### Task statement
Please report every line from the material that contains the word "building".

(Data begins)

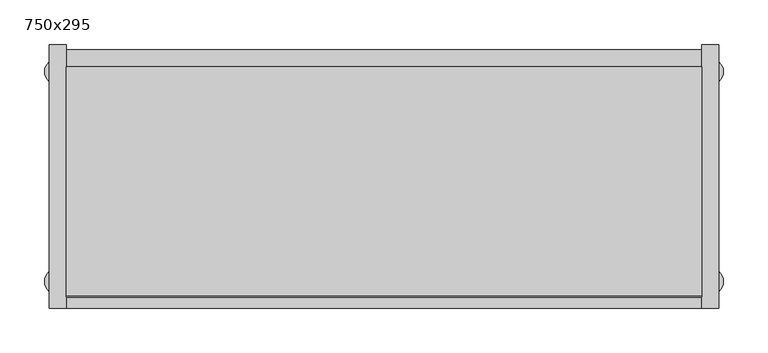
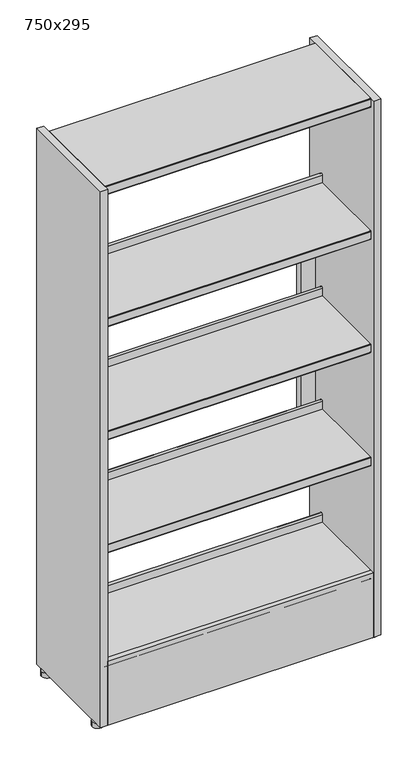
"""IFC4 building model written with IfcOpenShell, lengths in millimetres: furniture geometry, BK Library - Rondus ES - 1530 : 750x295."""

from ifc_helpers import new_model, si_unit, point, frame, frame_2d, origin, origin_with_axes, place, context, project, spatial, polyline, circle_curve, trimmed, segment, composite_curve, outline, extrude, source, transform, mapped, element, save


def furniture_750x295_e54d80aa(model_context):
    return source(origin(), model_context, "Body", "SweptSolid", [
        extrude(outline(composite_curve([segment(trimmed(circle_curve(frame_2d((365.5005427, 117.4952633)), 14.4994573), [point((380.0, 117.4952633))], [point((351.0010853, 117.4952633))], False, "CARTESIAN"), True, "CONTINUOUS"), segment(trimmed(circle_curve(frame_2d((365.5005427, 117.4952633)), 14.4994573), [point((351.0010853, 117.4952633))], [point((380.0, 117.4952633))], False, "CARTESIAN"), True, "CONTINUOUS")], self_intersect=False)), origin_with_axes(), (0.0, 0.0, 1.0), 13.6999998),
        extrude(outline(composite_curve([segment(trimmed(circle_curve(frame_2d((-365.5005427, 117.4952633)), 14.4994573), [point((-380.0, 117.4952633))], [point((-351.0010853, 117.4952633))], False, "CARTESIAN"), True, "CONTINUOUS"), segment(trimmed(circle_curve(frame_2d((-365.5005427, 117.4952633)), 14.4994573), [point((-351.0010853, 117.4952633))], [point((-380.0, 117.4952633))], False, "CARTESIAN"), True, "CONTINUOUS")], self_intersect=False)), origin_with_axes(), (0.0, 0.0, 1.0), 13.6999998),
        extrude(outline(composite_curve([segment(trimmed(circle_curve(frame_2d((365.5005427, -117.4952633)), 14.4994573), [point((380.0, -117.4952633))], [point((351.0010853, -117.4952633))], False, "CARTESIAN"), True, "CONTINUOUS"), segment(trimmed(circle_curve(frame_2d((365.5005427, -117.4952633)), 14.4994573), [point((351.0010853, -117.4952633))], [point((380.0, -117.4952633))], False, "CARTESIAN"), True, "CONTINUOUS")], self_intersect=False)), origin_with_axes(), (0.0, 0.0, 1.0), 13.6999998),
        extrude(outline(composite_curve([segment(trimmed(circle_curve(frame_2d((-365.5005427, -117.4952633)), 14.4994573), [point((-380.0, -117.4952633))], [point((-351.0010853, -117.4952633))], False, "CARTESIAN"), True, "CONTINUOUS"), segment(trimmed(circle_curve(frame_2d((-365.5005427, -117.4952633)), 14.4994573), [point((-351.0010853, -117.4952633))], [point((-380.0, -117.4952633))], False, "CARTESIAN"), True, "CONTINUOUS")], self_intersect=False)), origin_with_axes(), (0.0, 0.0, 1.0), 13.6999998),
        extrude(outline(polyline([(1106.1999512, -356.0), (391.1999512, -356.0), (391.1999512, 356.0), (1106.1999512, 356.0), (1106.1999512, -356.0)]), holes=[polyline([(1066.1999514, -317.5), (1066.1999514, 317.5), (431.1999514, 317.5), (431.1999514, -317.5), (1066.1999514, -317.5)])]), frame((0.0, 123.0, 0.0), z_axis=(0.0, 1.0, 0.0), x_axis=(0.0, 0.0, 1.0)), (0.0, 0.0, 1.0), 19.0),
        extrude(outline(polyline([(356.0, -135.2476624), (356.0, -147.5), (-356.0, -147.5), (-356.0, -135.2476624), (356.0, -135.2476624)])), frame((0.0, 0.0, 13.6999998), z_axis=(0.0, 0.0, 1.0), x_axis=(1.0, 0.0, 0.0)), (0.0, 0.0, 1.0), 181.4999514),
        extrude(outline(composite_curve([segment(polyline([(123.0, 1530.0), (123.0, 1528.0), (-133.75, 1528.0), (-133.75, 1506.5), (-121.75, 1506.5), (-121.75, 1505.0), (-133.75, 1505.0)]), True, "CONTINUOUS"), segment(trimmed(circle_curve(frame_2d((-133.75, 1506.5)), 1.5), [point((-133.75, 1505.0))], [point((-135.25, 1506.5))], False, "CARTESIAN"), True, "CONTINUOUS"), segment(polyline([(-135.25, 1506.5), (-135.25, 1528.5)]), True, "CONTINUOUS"), segment(trimmed(circle_curve(frame_2d((-133.75, 1528.5)), 1.5), [point((-135.25, 1528.5))], [point((-133.75, 1530.0))], False, "CARTESIAN"), True, "CONTINUOUS"), segment(polyline([(-133.75, 1530.0), (123.0, 1530.0)]), True, "CONTINUOUS")], self_intersect=False)), frame((-356.0, 0.0, 0.0), z_axis=(1.0, 0.0, 0.0), x_axis=(0.0, 1.0, 0.0)), (0.0, 0.0, 1.0), 712.0),
        extrude(outline(composite_curve([segment(polyline([(89.75, 1155.1999512), (89.75, 1176.7196336)]), True, "CONTINUOUS"), segment(trimmed(circle_curve(frame_2d((93.25, 1176.7196336)), 3.5), [point((89.75, 1176.7196336))], [point((96.75, 1176.7196336))], False, "CARTESIAN"), True, "CONTINUOUS"), segment(polyline([(96.75, 1176.7196336), (96.75, 1168.1999512), (95.25, 1168.1999512), (95.25, 1176.7020126)]), True, "CONTINUOUS"), segment(trimmed(circle_curve(frame_2d((93.25, 1176.7020126)), 2.0), [point((95.25, 1176.7020126))], [point((91.25, 1176.7020126))], True, "CARTESIAN"), True, "CONTINUOUS"), segment(polyline([(91.25, 1176.7020126), (91.25, 1155.1547733)]), True, "CONTINUOUS"), segment(trimmed(circle_curve(frame_2d((89.7951779, 1155.1547733)), 1.4548221), [point((91.25, 1155.1547733))], [point((89.7951779, 1153.6999512))], False, "CARTESIAN"), True, "CONTINUOUS"), segment(polyline([(89.7951779, 1153.6999512), (-133.75, 1153.6999512), (-133.75, 1132.1999512), (-121.75, 1132.1999512), (-121.75, 1130.6999512), (-133.75, 1130.6999512)]), True, "CONTINUOUS"), segment(trimmed(circle_curve(frame_2d((-133.75, 1132.1999512)), 1.5), [point((-133.75, 1130.6999512))], [point((-135.25, 1132.1999512))], False, "CARTESIAN"), True, "CONTINUOUS"), segment(polyline([(-135.25, 1132.1999512), (-135.25, 1153.6999512)]), True, "CONTINUOUS"), segment(trimmed(circle_curve(frame_2d((-133.75, 1153.6999512)), 1.5), [point((-135.25, 1153.6999512))], [point((-133.75, 1155.1999512))], False, "CARTESIAN"), True, "CONTINUOUS"), segment(polyline([(-133.75, 1155.1999512), (89.75, 1155.1999512)]), True, "CONTINUOUS")], self_intersect=False)), frame((-356.0, 0.0, 0.0), z_axis=(1.0, 0.0, 0.0), x_axis=(0.0, 1.0, 0.0)), (0.0, 0.0, 1.0), 712.0),
        extrude(outline(composite_curve([segment(polyline([(89.75, 835.1999512), (89.75, 856.7196336)]), True, "CONTINUOUS"), segment(trimmed(circle_curve(frame_2d((93.25, 856.7196336)), 3.5), [point((89.75, 856.7196336))], [point((96.75, 856.7196336))], False, "CARTESIAN"), True, "CONTINUOUS"), segment(polyline([(96.75, 856.7196336), (96.75, 848.1999512), (95.25, 848.1999512), (95.25, 856.7020126)]), True, "CONTINUOUS"), segment(trimmed(circle_curve(frame_2d((93.25, 856.7020126)), 2.0), [point((95.25, 856.7020126))], [point((91.25, 856.7020126))], True, "CARTESIAN"), True, "CONTINUOUS"), segment(polyline([(91.25, 856.7020126), (91.25, 835.1547733)]), True, "CONTINUOUS"), segment(trimmed(circle_curve(frame_2d((89.7951779, 835.1547733)), 1.4548221), [point((91.25, 835.1547733))], [point((89.7951779, 833.6999512))], False, "CARTESIAN"), True, "CONTINUOUS"), segment(polyline([(89.7951779, 833.6999512), (-133.75, 833.6999512), (-133.75, 812.1999512), (-121.75, 812.1999512), (-121.75, 810.6999512), (-133.75, 810.6999512)]), True, "CONTINUOUS"), segment(trimmed(circle_curve(frame_2d((-133.75, 812.1999512)), 1.5), [point((-133.75, 810.6999512))], [point((-135.25, 812.1999512))], False, "CARTESIAN"), True, "CONTINUOUS"), segment(polyline([(-135.25, 812.1999512), (-135.25, 833.6999512)]), True, "CONTINUOUS"), segment(trimmed(circle_curve(frame_2d((-133.75, 833.6999512)), 1.5), [point((-135.25, 833.6999512))], [point((-133.75, 835.1999512))], False, "CARTESIAN"), True, "CONTINUOUS"), segment(polyline([(-133.75, 835.1999512), (89.75, 835.1999512)]), True, "CONTINUOUS")], self_intersect=False)), frame((-356.0, 0.0, 0.0), z_axis=(1.0, 0.0, 0.0), x_axis=(0.0, 1.0, 0.0)), (0.0, 0.0, 1.0), 712.0),
        extrude(outline(composite_curve([segment(polyline([(89.75, 515.1999512), (89.75, 536.7196336)]), True, "CONTINUOUS"), segment(trimmed(circle_curve(frame_2d((93.25, 536.7196336)), 3.5), [point((89.75, 536.7196336))], [point((96.75, 536.7196336))], False, "CARTESIAN"), True, "CONTINUOUS"), segment(polyline([(96.75, 536.7196336), (96.75, 528.1999512), (95.25, 528.1999512), (95.25, 536.7020126)]), True, "CONTINUOUS"), segment(trimmed(circle_curve(frame_2d((93.25, 536.7020126)), 2.0), [point((95.25, 536.7020126))], [point((91.25, 536.7020126))], True, "CARTESIAN"), True, "CONTINUOUS"), segment(polyline([(91.25, 536.7020126), (91.25, 515.1547733)]), True, "CONTINUOUS"), segment(trimmed(circle_curve(frame_2d((89.7951779, 515.1547733)), 1.4548221), [point((91.25, 515.1547733))], [point((89.7951779, 513.6999512))], False, "CARTESIAN"), True, "CONTINUOUS"), segment(polyline([(89.7951779, 513.6999512), (-133.75, 513.6999512), (-133.75, 492.1999512), (-121.75, 492.1999512), (-121.75, 490.6999512), (-133.75, 490.6999512)]), True, "CONTINUOUS"), segment(trimmed(circle_curve(frame_2d((-133.75, 492.1999512)), 1.5), [point((-133.75, 490.6999512))], [point((-135.25, 492.1999512))], False, "CARTESIAN"), True, "CONTINUOUS"), segment(polyline([(-135.25, 492.1999512), (-135.25, 513.6999512)]), True, "CONTINUOUS"), segment(trimmed(circle_curve(frame_2d((-133.75, 513.6999512)), 1.5), [point((-135.25, 513.6999512))], [point((-133.75, 515.1999512))], False, "CARTESIAN"), True, "CONTINUOUS"), segment(polyline([(-133.75, 515.1999512), (89.75, 515.1999512)]), True, "CONTINUOUS")], self_intersect=False)), frame((-356.0, 0.0, 0.0), z_axis=(1.0, 0.0, 0.0), x_axis=(0.0, 1.0, 0.0)), (0.0, 0.0, 1.0), 712.0),
        extrude(outline(composite_curve([segment(polyline([(89.75, 195.1999512), (89.75, 216.7196336)]), True, "CONTINUOUS"), segment(trimmed(circle_curve(frame_2d((93.25, 216.7196336)), 3.5), [point((89.75, 216.7196336))], [point((96.75, 216.7196336))], False, "CARTESIAN"), True, "CONTINUOUS"), segment(polyline([(96.75, 216.7196336), (96.75, 208.1999512), (95.25, 208.1999512), (95.25, 216.7020126)]), True, "CONTINUOUS"), segment(trimmed(circle_curve(frame_2d((93.25, 216.7020126)), 2.0), [point((95.25, 216.7020126))], [point((91.25, 216.7020126))], True, "CARTESIAN"), True, "CONTINUOUS"), segment(polyline([(91.25, 216.7020126), (91.25, 195.1547733)]), True, "CONTINUOUS"), segment(trimmed(circle_curve(frame_2d((89.7951779, 195.1547733)), 1.4548221), [point((91.25, 195.1547733))], [point((89.7951779, 193.6999512))], False, "CARTESIAN"), True, "CONTINUOUS"), segment(polyline([(89.7951779, 193.6999512), (-133.75, 193.6999512), (-133.75, 172.1999512), (-121.75, 172.1999512), (-121.75, 170.6999512), (-133.75, 170.6999512)]), True, "CONTINUOUS"), segment(trimmed(circle_curve(frame_2d((-133.75, 172.1999512)), 1.5), [point((-133.75, 170.6999512))], [point((-135.25, 172.1999512))], False, "CARTESIAN"), True, "CONTINUOUS"), segment(polyline([(-135.25, 172.1999512), (-135.25, 193.6999512)]), True, "CONTINUOUS"), segment(trimmed(circle_curve(frame_2d((-133.75, 193.6999512)), 1.5), [point((-135.25, 193.6999512))], [point((-133.75, 195.1999512))], False, "CARTESIAN"), True, "CONTINUOUS"), segment(polyline([(-133.75, 195.1999512), (89.75, 195.1999512)]), True, "CONTINUOUS")], self_intersect=False)), frame((-356.0, 0.0, 0.0), z_axis=(1.0, 0.0, 0.0), x_axis=(0.0, 1.0, 0.0)), (0.0, 0.0, 1.0), 712.0),
        extrude(outline(polyline([(356.0, 147.5), (375.0, 147.5), (375.0, -147.5), (356.0, -147.5), (356.0, 147.5)])), frame((0.0, 0.0, 13.6999998), z_axis=(0.0, 0.0, 1.0), x_axis=(1.0, 0.0, 0.0)), (0.0, 0.0, 1.0), 1516.3000002),
        extrude(outline(polyline([(-356.0, 147.5), (-356.0, -147.5), (-375.0, -147.5), (-375.0, 147.5), (-356.0, 147.5)])), frame((0.0, 0.0, 13.6999998), z_axis=(0.0, 0.0, 1.0), x_axis=(1.0, 0.0, 0.0)), (0.0, 0.0, 1.0), 1516.3000002),
    ])


if __name__ == "__main__":
    model = new_model("IFC4")
    model_context = context("Model", 3, world=origin())
    ifc_project = project(units=[si_unit("LENGTHUNIT", "METRE", prefix="MILLI")], contexts=[model_context])
    site = spatial("IfcSite", under=ifc_project)
    building = spatial("IfcBuilding", under=site)
    placement = place(None, origin())
    furniture_750x295_shape = furniture_750x295_e54d80aa(model_context)
    element("IfcFurniture", 1, ObjectType="BK Library - Rondus ES - 1530 : 750x295", at=placement, inside=building, context=model_context, shape_type="MappedRepresentation", body=[
        mapped(furniture_750x295_shape, transform((0.0, 0.0, 0.0), x_axis=(1.0, 0.0, 0.0), y_axis=(0.0, 1.0, 0.0), z_axis=(0.0, 0.0, 1.0))),
    ])
    save(model, "model.ifc")

(Data ends)

### Solved problem
"""IFC4 building model written with IfcOpenShell, lengths in millimetres: furniture geometry, BK Library - Rondus ES - 1530 : 750x295."""
    building = spatial("IfcBuilding", under=site)
    element("IfcFurniture", 1, ObjectType="BK Library - Rondus ES - 1530 : 750x295", at=placement, inside=building, context=model_context, shape_type="MappedRepresentation", body=[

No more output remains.